Removing invalid XML characters

During the ingest procedure that is run by Data Processing, it is possible for a record to contain invalid data, which will be skipped (that is, will not be ingested into the Dgraph). Typically, the invalid data will consist of invalid XML characters. A valid character for ingest must be a character according to production 2 of the XML 1.0 specification. If an invalid character is detected, an exception is thrown with this error message:
Character <c> is not legal in XML 1.0

The record with that character is rejected.

Fixing date formats

Ingested date values originate from one (or more) Hive table columns:
  • Columns configured as DATE data types.
  • Columns configured as TIMESTAMP data types.
  • Columns configured as STRING data types but having date values. The date formats that are supported via this data type discovery method are listed in the dateFormats.txt file. For details on this file, see Date format configuration.

Make sure that dates in STRING columns are well-formed and conform to a format in the dateFormats.txt file, or else they will be ingested as string values, not as Dgraph mdex:dateTime data types.

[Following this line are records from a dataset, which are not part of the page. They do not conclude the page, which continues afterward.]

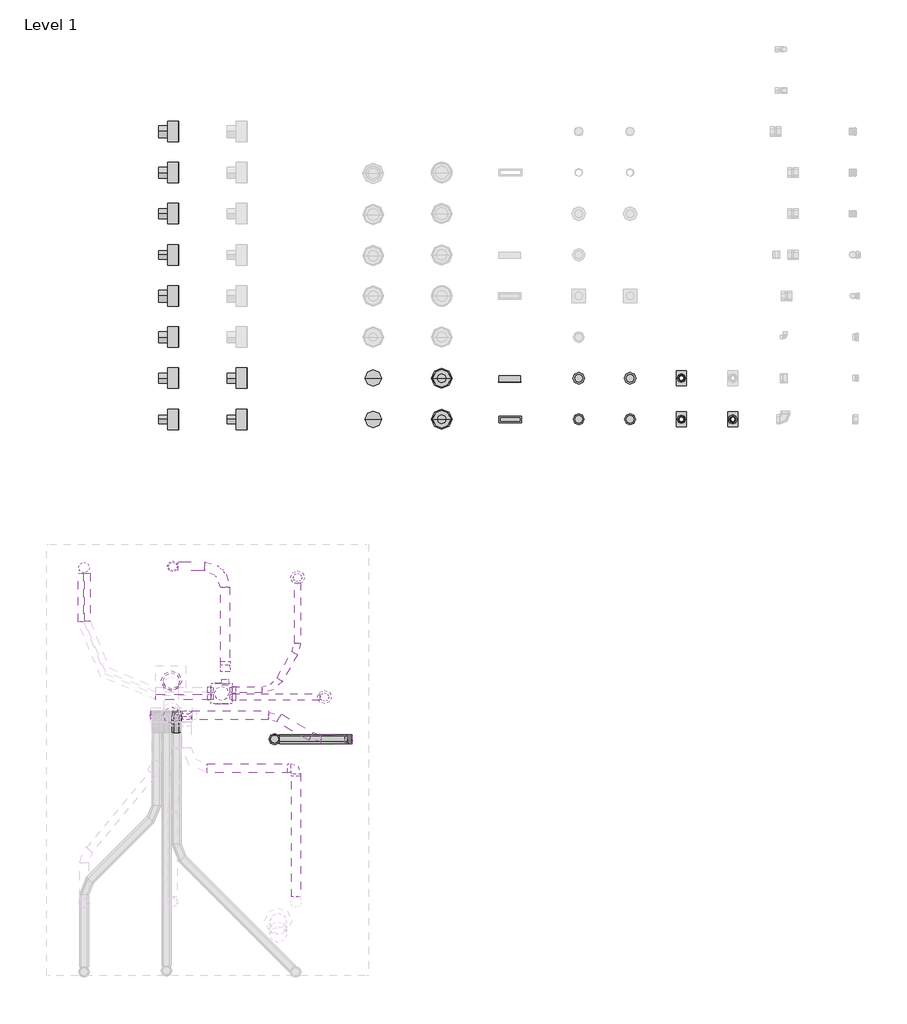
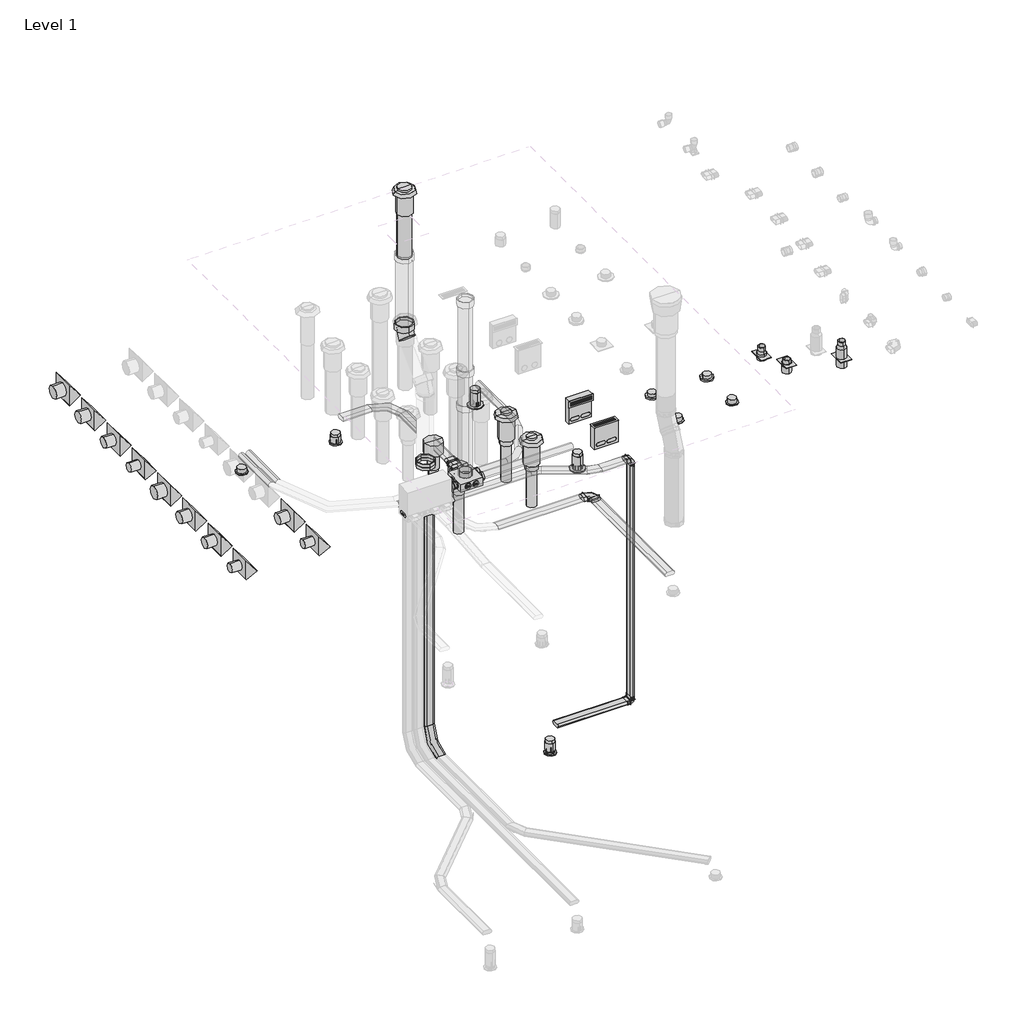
# One storey, part 2 of 5: 28 air terminals, 27 duct segments, 25 duct fittings, 1 covering.
"""IFC4 building model written with IfcOpenShell, lengths in millimetres."""

from ifc_helpers import new_model, si_unit, point, frame, frame_2d, origin, place, context, project, spatial, polyline, circle_curve, trimmed, segment, composite_curve, outline, extrude, transform, mapped, element, save
from components import air_terminal_684b394b, air_terminal_d9da2656, air_terminal_5d0dc36f, air_terminal_abea36ea, air_terminal_f5742492, air_terminal_9fb1d9b7, air_terminal_ad92f96e, black_125_071c14e0, black_150_34886671, black_160_5426341e, black_180_da10aded, disc_9b21ed11, floor_plenum_26bd6e9d, grille_332x94_5d2099c3, wall_plenum_481a3a47, wave_6b82bb6b, covering_845dcc57, duct_fitting_a03f7b8a, duct_fitting_80feda44, duct_fitting_af19edac, duct_fitting_265251c9, duct_fitting_0a36da2e, duct_fitting_a33ba128, duct_fitting_7ef48b03, duct_fitting_5a710104, duct_fitting_66600ef7, duct_fitting_84124fbc, duct_fitting_f3df8d97, duct_fitting_132x52_fc9fea9f, duct_fitting_132x52_0ce7a236, duct_fitting_132x52_95183a23, duct_fitting_132x52_nested_272e3c26, epp_d34e0886, duct_segment_ae39d81a, duct_segment_a98b25c4, duct_segment_a7808f3f, duct_segment_35683ce1, duct_segment_1deb6c9c, extract_132x52_red_0ccfaded, supply_132x52_blue_ae1e8619, supply_132x52_blue_a913f8ed

model = new_model("IFC4")

# Units and contexts
model_context = context("Model", 3, world=origin())
ifc_project = project(units=[si_unit("LENGTHUNIT", "METRE", prefix="MILLI")], contexts=[model_context])

# Site, building, storey
site = spatial("IfcSite", under=ifc_project)
building = spatial("IfcBuilding", under=site)
storey = spatial("IfcBuildingStorey", under=building, Name="Level 1", Elevation=0.0)

# Air terminals
placement = place(None, origin())
air_terminal_shape = air_terminal_684b394b(model_context)
element("IfcAirTerminal", 1, ObjectType="NLRS_57_AIR_WPB_roof ventilation terminals_M&G : EPS Black, ø125 - L=1000mm", at=placement, inside=storey, context=model_context, shape_type="MappedRepresentation", body=[
    mapped(air_terminal_shape, transform((-12492.1903803, 6819.2351178, 0.0), x_axis=(1.0, 0.0, 0.0), y_axis=(0.0, 1.0, 0.0), z_axis=(0.0, 0.0, 1.0))),
])
air_terminal_2_shape = air_terminal_d9da2656(model_context)
element("IfcAirTerminal", 2, ObjectType="NLRS_57_AIR_WPB_roof ventilation terminals_M&G : EPS Black, ø130 - L=1000mm", at=placement, inside=storey, context=model_context, shape_type="MappedRepresentation", body=[
    mapped(air_terminal_2_shape, transform((-12492.1903803, 7419.2351178, 0.0), x_axis=(1.0, 0.0, 0.0), y_axis=(0.0, 1.0, 0.0), z_axis=(0.0, 0.0, 1.0))),
])
air_terminal_3_shape = air_terminal_5d0dc36f(model_context)
element("IfcAirTerminal", 3, ObjectType="NLRS_57_AIR_WPB_megavent roof ventilation terminals_M&G : PP Black, ø125", at=placement, inside=storey, context=model_context, shape_type="MappedRepresentation", body=[
    mapped(air_terminal_3_shape, transform((-13492.1903803, 6819.2351178, 0.0), x_axis=(1.0, 0.0, 0.0), y_axis=(0.0, 1.0, 0.0), z_axis=(0.0, 0.0, 1.0))),
])
element("IfcAirTerminal", 4, ObjectType="NLRS_57_AIR_WPB_megavent roof ventilation terminals_M&G : PP Terra, ø125", at=placement, inside=storey, context=model_context, shape_type="MappedRepresentation", body=[
    mapped(air_terminal_3_shape, transform((-13492.1903803, 7419.2351178, 0.0), x_axis=(1.0, 0.0, 0.0), y_axis=(0.0, 1.0, 0.0), z_axis=(0.0, 0.0, 1.0))),
])
air_terminal_4_shape = air_terminal_abea36ea(model_context)
element("IfcAirTerminal", 5, ObjectType="NLRS_57_AIR_WPB_roof ventilation terminals_M&G : EPS Black, ø180 - L=1000mm", at=placement, inside=storey, context=model_context, shape_type="MappedRepresentation", body=[
    mapped(air_terminal_4_shape, transform((-16438.4693878, 3001.6183718, 7412.0589956), x_axis=(1.0, 0.0, 0.0), y_axis=(0.0, 1.0, 0.0), z_axis=(0.0, 0.0, 1.0))),
])
air_terminal_5_shape = air_terminal_f5742492(model_context)
element("IfcAirTerminal", 6, ObjectType="NLRS_57_AIR_WPB_extraction air valve_M&G : Kwadrant", at=placement, inside=storey, context=model_context, shape_type="MappedRepresentation", body=[
    mapped(air_terminal_5_shape, transform((-16418.4693878, 4670.9337944, 3067.0932214), x_axis=(1.0, 0.0, 0.0), y_axis=(0.0, 1.0, 0.0), z_axis=(0.0, 0.0, 1.0))),
])
air_terminal_6_shape = air_terminal_9fb1d9b7(model_context)
element("IfcAirTerminal", 7, ObjectType="NLRS_57_AIR_WPB_extraction air valve_M&G : Conus", at=placement, inside=storey, context=model_context, shape_type="MappedRepresentation", body=[
    mapped(air_terminal_6_shape, transform((-17715.4983661, 4654.1857295, 3098.9990448), x_axis=(1.0, 0.0, 0.0), y_axis=(0.0, 1.0, 0.0), z_axis=(0.0, 0.0, 1.0))),
])
air_terminal_7_shape = air_terminal_ad92f96e(model_context)
element("IfcAirTerminal", 8, ObjectType="NLRS_57_AIR_WPB_supply air valve_M&G : Conus", at=placement, inside=storey, context=model_context, shape_type="MappedRepresentation", body=[
    mapped(air_terminal_7_shape, transform((-14932.7818193, 2151.6938776, -388.9153196), x_axis=(1.0, 0.0, 0.0), y_axis=(0.0, 1.0, 0.0), z_axis=(0.0, 0.0, 1.0))),
])
element("IfcAirTerminal", 9, ObjectType="NLRS_57_AIR_WPB_extraction air valve_M&G : Conus", at=placement, inside=storey, context=model_context, shape_type="MappedRepresentation", body=[
    mapped(air_terminal_6_shape, transform((-10492.1903803, 6819.2351178, 0.0), x_axis=(1.0, 0.0, 0.0), y_axis=(0.0, 1.0, 0.0), z_axis=(0.0, 0.0, 1.0))),
])
element("IfcAirTerminal", 10, ObjectType="NLRS_57_AIR_WPB_supply air valve_M&G : Conus", at=placement, inside=storey, context=model_context, shape_type="MappedRepresentation", body=[
    mapped(air_terminal_6_shape, transform((-9742.1903803, 6819.2351178, 0.0), x_axis=(1.0, 0.0, 0.0), y_axis=(0.0, 1.0, 0.0), z_axis=(0.0, 0.0, 1.0))),
])
black_125_shape = black_125_071c14e0(model_context)
element("IfcAirTerminal", 11, ObjectType="NLRS_57_AIR_LB_walloutlet terminals_M&G : Black 125", at=placement, inside=storey, context=model_context, shape_type="MappedRepresentation", body=[
    mapped(black_125_shape, transform((-16492.1903803, 6819.2351178, 0.0), x_axis=(1.0, 0.0, 0.0), y_axis=(0.0, 1.0, 0.0), z_axis=(0.0, 0.0, 1.0))),
])
black_150_shape = black_150_34886671(model_context)
element("IfcAirTerminal", 12, ObjectType="NLRS_57_AIR_LB_walloutlet terminals_M&G : Black 150", at=placement, inside=storey, context=model_context, shape_type="MappedRepresentation", body=[
    mapped(black_150_shape, transform((-16492.1903803, 7419.2351178, 0.0), x_axis=(1.0, 0.0, 0.0), y_axis=(0.0, 1.0, 0.0), z_axis=(0.0, 0.0, 1.0))),
])
black_160_shape = black_160_5426341e(model_context)
element("IfcAirTerminal", 13, ObjectType="NLRS_57_AIR_LB_walloutlet terminals_M&G : Black 160", at=placement, inside=storey, context=model_context, shape_type="MappedRepresentation", body=[
    mapped(black_160_shape, transform((-16492.1903803, 8019.2351178, 0.0), x_axis=(1.0, 0.0, 0.0), y_axis=(0.0, 1.0, 0.0), z_axis=(0.0, 0.0, 1.0))),
])
black_180_shape = black_180_da10aded(model_context)
element("IfcAirTerminal", 14, ObjectType="NLRS_57_AIR_LB_walloutlet terminals_M&G : Black 180", at=placement, inside=storey, context=model_context, shape_type="MappedRepresentation", body=[
    mapped(black_180_shape, transform((-16492.1903803, 8619.2351178, 0.0), x_axis=(1.0, 0.0, 0.0), y_axis=(0.0, 1.0, 0.0), z_axis=(0.0, 0.0, 1.0))),
])
disc_shape = disc_9b21ed11(model_context)
element("IfcAirTerminal", 15, ObjectType="NLRS_57_AIR_WPB_extraction air valve_M&G : Disc", at=placement, inside=storey, context=model_context, shape_type="MappedRepresentation", body=[
    mapped(disc_shape, transform((-10492.1903803, 7419.2351178, 0.0), x_axis=(1.0, 0.0, 0.0), y_axis=(0.0, 1.0, 0.0), z_axis=(0.0, 0.0, 1.0))),
])
element("IfcAirTerminal", 16, ObjectType="NLRS_57_AIR_WPB_supply air valve_M&G : Disc", at=placement, inside=storey, context=model_context, shape_type="MappedRepresentation", body=[
    mapped(disc_shape, transform((-9742.1903803, 7419.2351178, 0.0), x_axis=(1.0, 0.0, 0.0), y_axis=(0.0, 1.0, 0.0), z_axis=(0.0, 0.0, 1.0))),
])
floor_plenum_shape = floor_plenum_26bd6e9d(model_context)
element("IfcAirTerminal", 17, ObjectType="NLRS_57_AIR_LB_wall_floor mounted plenum oval with grill_M&G : Floor plenum", at=placement, inside=storey, context=model_context, shape_type="MappedRepresentation", body=[
    mapped(floor_plenum_shape, transform((-11492.1903803, 6819.2351178, 0.0), x_axis=(1.0, 0.0, 0.0), y_axis=(0.0, 1.0, 0.0), z_axis=(0.0, 0.0, 1.0))),
])
grille_332x94_shape = grille_332x94_5d2099c3(model_context)
element("IfcAirTerminal", 18, ObjectType="NLRS_57_AIR_WPB_grille for plenum_M&G : Grille 332x94", at=placement, inside=storey, context=model_context, shape_type="MappedRepresentation", body=[
    mapped(grille_332x94_shape, transform((-11492.1903803, 6819.2351178, 310.0), x_axis=(1.0, 0.0, 0.0), y_axis=(0.0, -1.0, 0.0), z_axis=(0.0, 0.0, -1.0))),
])
element("IfcAirTerminal", 19, ObjectType="NLRS_57_AIR_WPB_grille for plenum_M&G : Grille 332x94", at=placement, inside=storey, context=model_context, shape_type="MappedRepresentation", body=[
    mapped(grille_332x94_shape, transform((-11500.4403803, 7365.7351178, 297.0), x_axis=(1.0, 0.0, 0.0), y_axis=(0.0, 0.0, -1.0), z_axis=(0.0, 1.0, 0.0))),
])
element("IfcAirTerminal", 20, ObjectType="NLRS_57_AIR_LB_walloutlet terminals_M&G : Terracotta 125", at=placement, inside=storey, context=model_context, shape_type="MappedRepresentation", body=[
    mapped(black_125_shape, transform((-16492.1903803, 9219.2351178, 0.0), x_axis=(1.0, 0.0, 0.0), y_axis=(0.0, 1.0, 0.0), z_axis=(0.0, 0.0, 1.0))),
])
element("IfcAirTerminal", 21, ObjectType="NLRS_57_AIR_LB_walloutlet terminals_M&G : Terracotta 150", at=placement, inside=storey, context=model_context, shape_type="MappedRepresentation", body=[
    mapped(black_150_shape, transform((-16492.1903803, 9819.2351178, 0.0), x_axis=(1.0, 0.0, 0.0), y_axis=(0.0, 1.0, 0.0), z_axis=(0.0, 0.0, 1.0))),
])
element("IfcAirTerminal", 22, ObjectType="NLRS_57_AIR_LB_walloutlet terminals_M&G : Terracotta 160", at=placement, inside=storey, context=model_context, shape_type="MappedRepresentation", body=[
    mapped(black_160_shape, transform((-16492.1903803, 10419.2351178, 0.0), x_axis=(1.0, 0.0, 0.0), y_axis=(0.0, 1.0, 0.0), z_axis=(0.0, 0.0, 1.0))),
])
element("IfcAirTerminal", 23, ObjectType="NLRS_57_AIR_LB_walloutlet terminals_M&G : Terracotta 180", at=placement, inside=storey, context=model_context, shape_type="MappedRepresentation", body=[
    mapped(black_180_shape, transform((-16492.1903803, 11019.2351178, 0.0), x_axis=(1.0, 0.0, 0.0), y_axis=(0.0, 1.0, 0.0), z_axis=(0.0, 0.0, 1.0))),
])
element("IfcAirTerminal", 24, ObjectType="NLRS_57_AIR_LB_walloutlet terminals_M&G : Unpainted aluminium 125", at=placement, inside=storey, context=model_context, shape_type="MappedRepresentation", body=[
    mapped(black_125_shape, transform((-15492.1903803, 6819.2351178, 0.0), x_axis=(1.0, 0.0, 0.0), y_axis=(0.0, 1.0, 0.0), z_axis=(0.0, 0.0, 1.0))),
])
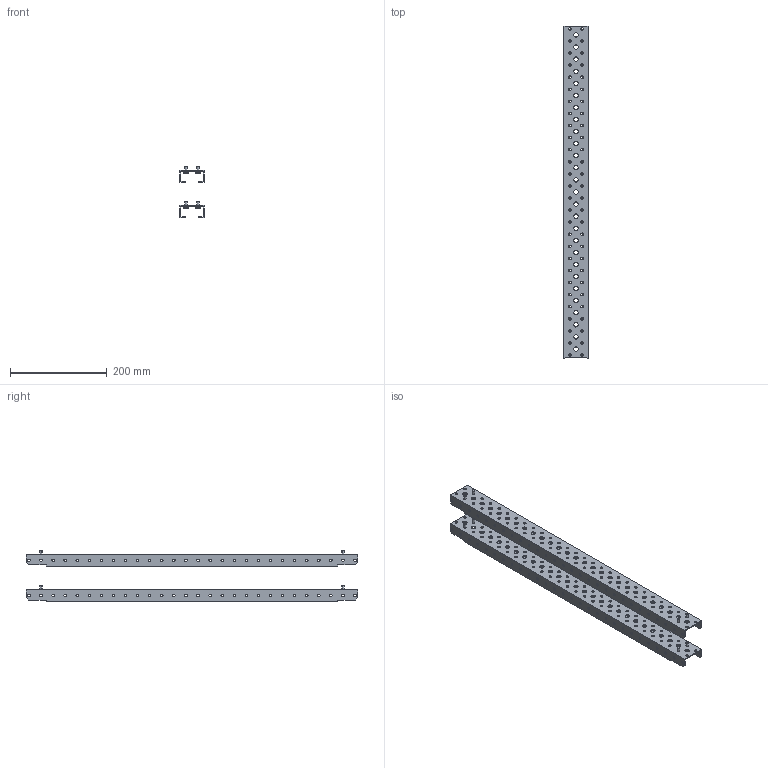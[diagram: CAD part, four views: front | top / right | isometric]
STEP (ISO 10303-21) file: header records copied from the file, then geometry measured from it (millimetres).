
FILE_DESCRIPTION (( 'STEP AP214' ), '1' );
FILE_NAME ('FO-00-PRM-080 Ïðîôèëü ìîíòàæíûé 50?25 â øêàô 800 ìì (2 øò.óïàê.).STEP', '2025-08-04T10:02:37', ( '' ), ( '' ), 'SwSTEP 2.0', 'SolidWorks 2023', '' );
FILE_SCHEMA (( 'AUTOMOTIVE_DESIGN' ));
Length unit declared in the file: millimetre
Products named in the file (3): Профиль монтажный 50×25 в шкаф 800 мм; Метизы M2.5 50×25; FO-00-PRM-080 Профиль монтажный 50×25 в шкаф 800 мм (2 шт.упак.)
Assembly tree (6 placements, depth 2):
  FO-00-PRM-080 Профиль монтажный 50×25 в шкаф 800 мм (2 шт.упак.)
    Профиль монтажный 50×25 в шкаф 800 мм  x2
    Метизы M2.5 50×25  x4
Bounding box: 50 x 687 x 105.7 mm (x, y, z)
Volume: 297000.9 mm3; surface area: 313241.7 mm2
Topology: 10 solids, 10 shells, 760 faces, 2164 edges, 1440 vertices
Faces by surface type: cylinder 588, plane 156, torus 16
Entity records: 12507 total; most frequent: DIRECTION 2308, CARTESIAN_POINT 2043, ORIENTED_EDGE 2024, EDGE_CURVE 1012, AXIS2_PLACEMENT_3D 939, VERTEX_POINT 674, EDGE_LOOP 630, CIRCLE 582
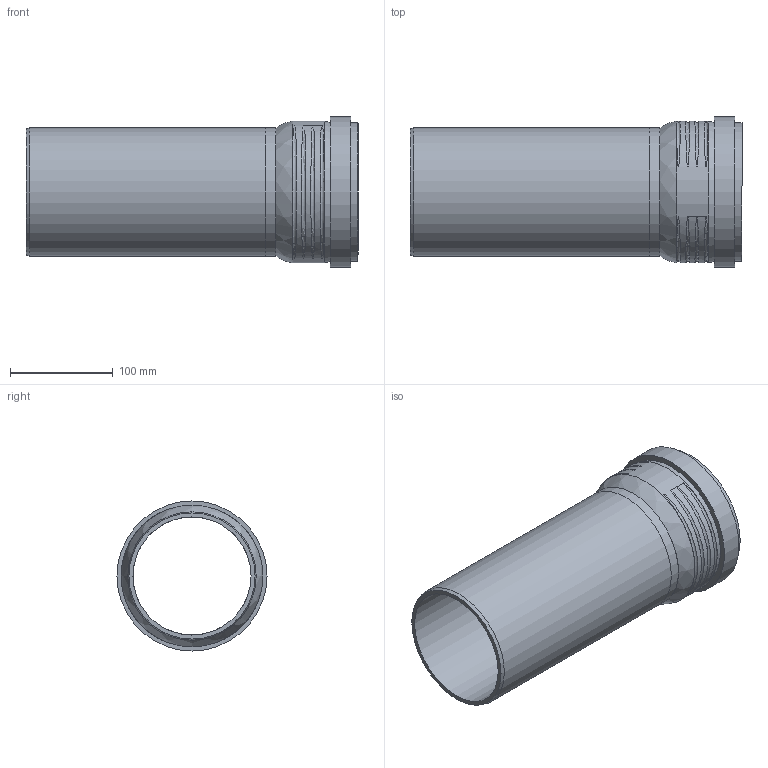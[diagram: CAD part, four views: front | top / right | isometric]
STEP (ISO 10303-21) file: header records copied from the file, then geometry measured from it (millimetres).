
FILE_DESCRIPTION(/* description */ (''),/* implementation_level */ '2;1');
FILE_NAME(/* name */ 'H:\Geberit-Teile\Export\PP_Rohr\stp\393601.stp',/* time_stamp */ '2017-02-13T16:09:15+01:00',/* author */ ('seihe2'),/* organization */ (''),/* preprocessor_version */ 'ST-DEVELOPER v15.2',/* originating_system */ 'Autodesk Inventor 2014',/* authorisation */ '');
FILE_SCHEMA (('AUTOMOTIVE_DESIGN { 1 0 10303 214 3 1 1 }'));
Length unit declared in the file: millimetre
Products named in the file (1): 393601
Bounding box: 323.9 x 146.35 x 146.35 mm (x, y, z)
Volume: 641363.2 mm3; surface area: 277995.8 mm2
Topology: 2 solids, 2 shells, 38 faces, 81 edges, 56 vertices
Faces by surface type: torus 17, cylinder 10, plane 8, cone 2, bspline 1
Full cylindrical faces by diameter (mm): 115.2 x2, 125.2 x2, 126.2 x1, 129.2 x1, 135.2 x1, 137.75 x1, 138.2 x1, 146.35 x1
Entity records: 2345 total; most frequent: CARTESIAN_POINT 1566, DIRECTION 130, ORIENTED_EDGE 124, EDGE_LOOP 69, AXIS2_PLACEMENT_3D 65, EDGE_CURVE 62, VERTEX_POINT 55, STYLED_ITEM 40

In addition, make sure that the dates in a STRING column are valid dates. For example, the date Mon, Apr 07, 1925 is invalid because April 7, 1925 is a Tuesday, not a Monday. Therefore, this invalid date would cause the column to be detected as a STRING column, not a DATE column.

Uploading Excel and CSV files

In Studio, you can create a new data set by uploading data from an Excel or CSV file. The data upload for these file types is always done as STRING data types.

For this reason, you should make sure that the file's column data are of consistent data types. For example, if a column is supposed to store integers, check that the column does not have non-integer data. Likewise, check that date input conforms to the formats in the dateFormats.txt file.